От Нади ничего не укрылось. Пусть ей сказали неправду, — девочка увидела ее в отчаянно-испуганном взгляде матери и успокоилась. Догадка подтверждалась, у нее теперь была своя тайна, которая так красила и обогащала внутреннюю, ни для кого не видную, постоянную работу ее мыслей и чувств, и, скрывая их, она точно взрослела в своих собственных глазах. А скрывать было легко, потому что мать боялась допытываться, а от подруг она умела таить и более невинные тайны, недаром они называли ее «скрытницей».

Три года спустя Надя незаметно выровнялась в статную, красивую девушку, но, как и немногие ее сверстницы, осталась в селе: не привлекало неизвестное, что ждало на стороне, она была довольна тем, что есть, чем жила. Может быть, она так и осталась бы простой, ничем не отличимой от других сельских девушек, если бы не открылся у нее голос, редкий и в Рябой Ольхе по красоте и силе, а село издавна славилось на всю округу своими певцами, и многие рябоольховцы понимали толк в голосах и в песнях. Но никто не знал и не догадывался, что начатки даны почти всеми позабытой старухой, над чьей могилой уже восьмое лето расцветают пышными лиловыми кистями кусты сирени.

7

В соседстве с просторными колхозными свинарниками на окраине Рябой Ольхи, рядом с пологим оврагом, что своим устьем уперся в широкий плес полноводной реки, в хате-завалюшке, оплюхшей, как червивый гриб-обабок, жила Лазариха. Кое-где замазанная глиной, точно в пластырях, хатка как-то боком стояла к своим соседям и смотрела на мир из-под взъерошенной соломенной кровли двумя подслеповатыми окнами. Единственно, чем красовалась она, так оставшимися от молодости и лучшей жизни красными наличниками, однако и на них краска взбухла и потрескалась, отваливаясь пластинками и обнажая черные, трухлявые доски, а в завитушках резьбы уже не хватало целых кусков.

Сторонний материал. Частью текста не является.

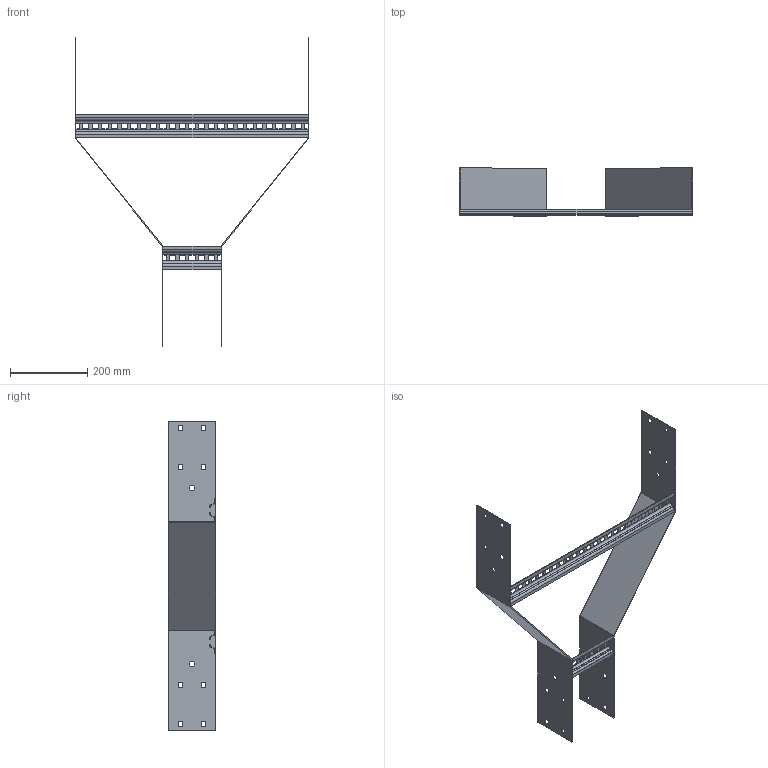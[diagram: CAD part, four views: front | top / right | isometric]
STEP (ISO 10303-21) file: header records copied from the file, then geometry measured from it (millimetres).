
FILE_DESCRIPTION (( 'STEP AP203' ), '1' );
FILE_NAME ('N3 SR 600150.STEP', '2022-09-19T05:42:50', ( '' ), ( '' ), 'SwSTEP 2.0', 'SolidWorks 2021', '' );
FILE_SCHEMA (( 'CONFIG_CONTROL_DESIGN' ));
Length unit declared in the file: millimetre
Products named in the file (4): Ladder Rung_Ladder Rung -  150mm; N3 Reducer side plate_SR150x600; Ladder Rung_Ladder Rung -  600mm; N3 SR 600150
Assembly tree (4 placements, depth 2):
  N3 SR 600150
    N3 Reducer side plate_SR150x600  x2
    Ladder Rung_Ladder Rung -  150mm
    Ladder Rung_Ladder Rung -  600mm
Bounding box: 604 x 124 x 800 mm (x, y, z)
Volume: 510224.8 mm3; surface area: 545721.9 mm2
Topology: 4 solids, 4 shells, 320 faces, 840 edges, 528 vertices
Faces by surface type: plane 288, cylinder 32
Entity records: 8438 total; most frequent: CARTESIAN_POINT 1389, ORIENTED_EDGE 1376, DIRECTION 1274, EDGE_CURVE 688, LINE 640, VECTOR 640, VERTEX_POINT 432, EDGE_LOOP 338

Лазариха жила с внуком Петькой. Сын ее, Анисим, не вернулся с войны, остался где-то в польской земле, под неизвестным городом Томашувом. Невестка не вынесла вдовьей доли, бросила трехлетнего сына на бабкины руки, а сама укатила на Урал искать новой жизни и бабьего счастья и забыла дорогу к дому. Рос Петька бессменным вожаком сельских озорников, — ни одно мальчишеское происшествие не обходилось без того, чтобы в нем не был замешан Лазарихин внук. Ему драли уши, жаловались на него директору школы, бабке, но мальчишка становился еще отчаяннее. Он рос дико, как татарник при дороге, — если невзначай коснешься его, больно уколет вечно оттопыренными колючками.

Стремление не уронить своей славы вожака и отчаянного смельчака толкнуло Петьку на рискованный поступок. Однажды ребята нашли на старых, обрушившихся и занесенных песком позициях минометной батареи немецкую остроносую мину. Петька взялся разрядить ржавую железину, а кончилось тем, что ему оторвало ступню, другого же мальчишку положило насмерть. Заляпанного окровавленной пылью, с закатившимся от страдания и ужаса сердцем, Петьку отвезли в больницу, не веря, что он вернется живым.

Но Петька вернулся, и многие пожалели сироту: «Ни на что больше не пригоден мальчишка, кроме как в сторожа». А кое-кто и позлорадствовал втайне: может быть, меньше станет озорства в Рябой Ольхе, все ж таки не много набедокуришь на березовой деревяшке вместо ноги.

Он и в самом деле притих.

Днями Петька пропадал в залохматившемся крушиной и терновником овражке, появлялся, когда бабка звала домой, и снова незаметно исчезал. Его поведение взбудоражило прежних Петькиных друзей. Прячась по густым зарослям, они выследили его. Ничего таинственного Лазарихин внук не делал, он что-то выстругивал ножиком и клеил из фанеры, дощечек и древесных сучков. Но вера в необычность всех поступков Петьки была велика, и по селу пополз слух, что сирота мастерит себе ногу, и она станет не хуже настоящей, даже в футбол можно играть.

Но Петькой владела несравнимо большая мечта: он мастерил балалайку, точно такую же, как у фельдшера районной больницы, — на потеху выздоравливающим и сиделкам тот по вечерам лихо играл на ней в больничном саду, всегда окруженный толпой, молчаливо переживающей музыкальные вариации. В конце концов у неискушенного Петьки что-то получилось. Правда, балалайка вышла непохожей на ту, что покорила его неугомонное сердце, она была груба, неказиста, кривобока, с грязно-желтыми потеками клея, колки отчаянно визжали, когда натягивались пять стальных жилок от электропровода. Бабка Лазариха тотчас же окрестила Петькино изделие «козерогом», однако и на нем он вскоре научился выбивать костяшками пальцев любимые в Рябой Ольхе песни.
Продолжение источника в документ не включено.